**WHAT TO WORK ON:**
Starting at the top line, print the entries below exactly as they are and skip every picture.

+===+

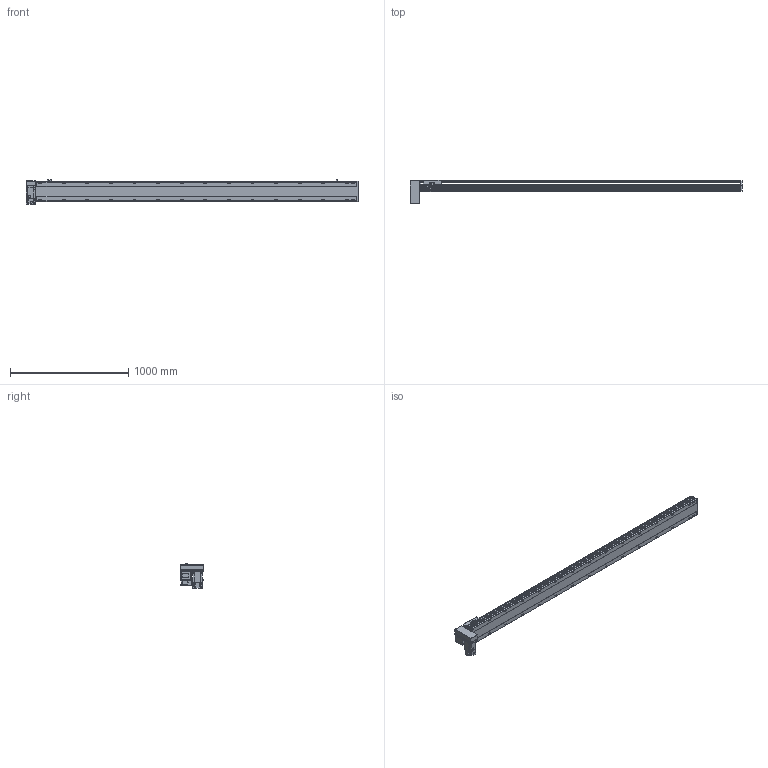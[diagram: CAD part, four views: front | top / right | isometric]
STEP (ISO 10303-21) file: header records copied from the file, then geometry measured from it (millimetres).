
FILE_DESCRIPTION( ( 'STEP AP214' ), '1' );
FILE_NAME( 'x:/temp/worker_5/temp/exporttempdir_3988_46_AqjZJ/format_0/PBS170-P40-S2450-RD-T75-C1-N(0).stp', '2022-06-08T05:37:47', ( 'License CC BY-ND 4.0' ), ( 'CADENAS' ), ' ', 'PARTsolutions', ' ' );
FILE_SCHEMA( ( 'AUTOMOTIVE_DESIGN { 1 0 10303 214 1 1 1 1 }' ) );
Length unit declared in the file: millimetre
Products named in the file (7): PBS170-P40-S2450-RD-T75-C1-N(0); _PBS170-S2450()_body; _PBS170T-RD_motors; _T75-p1; _PBS170_sliser; _PBS170_plant; _PBS170_sensor
Assembly tree (8 placements, depth 2):
  PBS170-P40-S2450-RD-T75-C1-N(0)
    _PBS170-S2450()_body
    _PBS170T-RD_motors
    _T75-p1
    _PBS170_sliser
    _PBS170_plant
    _PBS170_sensor  x3
Bounding box: 2813 x 201 x 205.3 mm (x, y, z)
Volume: 21319367.1 mm3; surface area: 2687759.7 mm2
Topology: 8 solids, 8 shells, 1194 faces, 3155 edges, 2056 vertices
Faces by surface type: plane 729, cylinder 395, cone 60, sphere 8, torus 2
Full cylindrical faces by diameter (mm): 3.242 x4, 4 x2, 4.4 x4, 4.5 x6, 4.917 x4, 6 x9, 6.647 x38, 7 x2, 7.5 x4, 8 x8, 8.5 x30, 10 x4, 10.5 x30, 11 x2, 30 x2, 40 x1, 70 x1
Entity records: 44234 total; most frequent: CARTESIAN_POINT 7397, DIRECTION 5790, ORIENTED_EDGE 5448, EDGE_CURVE 2724, AXIS2_PLACEMENT_3D 2047, VERTEX_POINT 1898, LINE 1696, VECTOR 1696

+===+

**SOLUTION FOR THIS PROBLEM:**
[diagram: CAD part, four views: front | top / right | isometric]
STEP (ISO 10303-21) file: header records copied from the file, then geometry measured from it (millimetres).
FILE_DESCRIPTION( ( 'STEP AP214' ), '1' );
FILE_NAME( 'x:/temp/worker_5/temp/exporttempdir_3988_46_AqjZJ/format_0/PBS170-P40-S2450-RD-T75-C1-N(0).stp', '2022-06-08T05:37:47', ( 'License CC BY-ND 4.0' ), ( 'CADENAS' ), ' ', 'PARTsolutions', ' ' );
FILE_SCHEMA( ( 'AUTOMOTIVE_DESIGN { 1 0 10303 214 1 1 1 1 }' ) );
Length unit declared in the file: millimetre
Products named in the file (7): PBS170-P40-S2450-RD-T75-C1-N(0); _PBS170-S2450()_body; _PBS170T-RD_motors; _T75-p1; _PBS170_sliser; _PBS170_plant; _PBS170_sensor
Assembly tree (8 placements, depth 2):
  PBS170-P40-S2450-RD-T75-C1-N(0)
    _PBS170-S2450()_body
    _PBS170T-RD_motors
    _T75-p1
    _PBS170_sliser
    _PBS170_plant
    _PBS170_sensor  x3
Bounding box: 2813 x 201 x 205.3 mm (x, y, z)
Volume: 21319367.1 mm3; surface area: 2687759.7 mm2
Topology: 8 solids, 8 shells, 1194 faces, 3155 edges, 2056 vertices
Faces by surface type: plane 729, cylinder 395, cone 60, sphere 8, torus 2
Full cylindrical faces by diameter (mm): 3.242 x4, 4 x2, 4.4 x4, 4.5 x6, 4.917 x4, 6 x9, 6.647 x38, 7 x2, 7.5 x4, 8 x8, 8.5 x30, 10 x4, 10.5 x30, 11 x2, 30 x2, 40 x1, 70 x1
Entity records: 44234 total; most frequent: CARTESIAN_POINT 7397, DIRECTION 5790, ORIENTED_EDGE 5448, EDGE_CURVE 2724, AXIS2_PLACEMENT_3D 2047, VERTEX_POINT 1898, LINE 1696, VECTOR 1696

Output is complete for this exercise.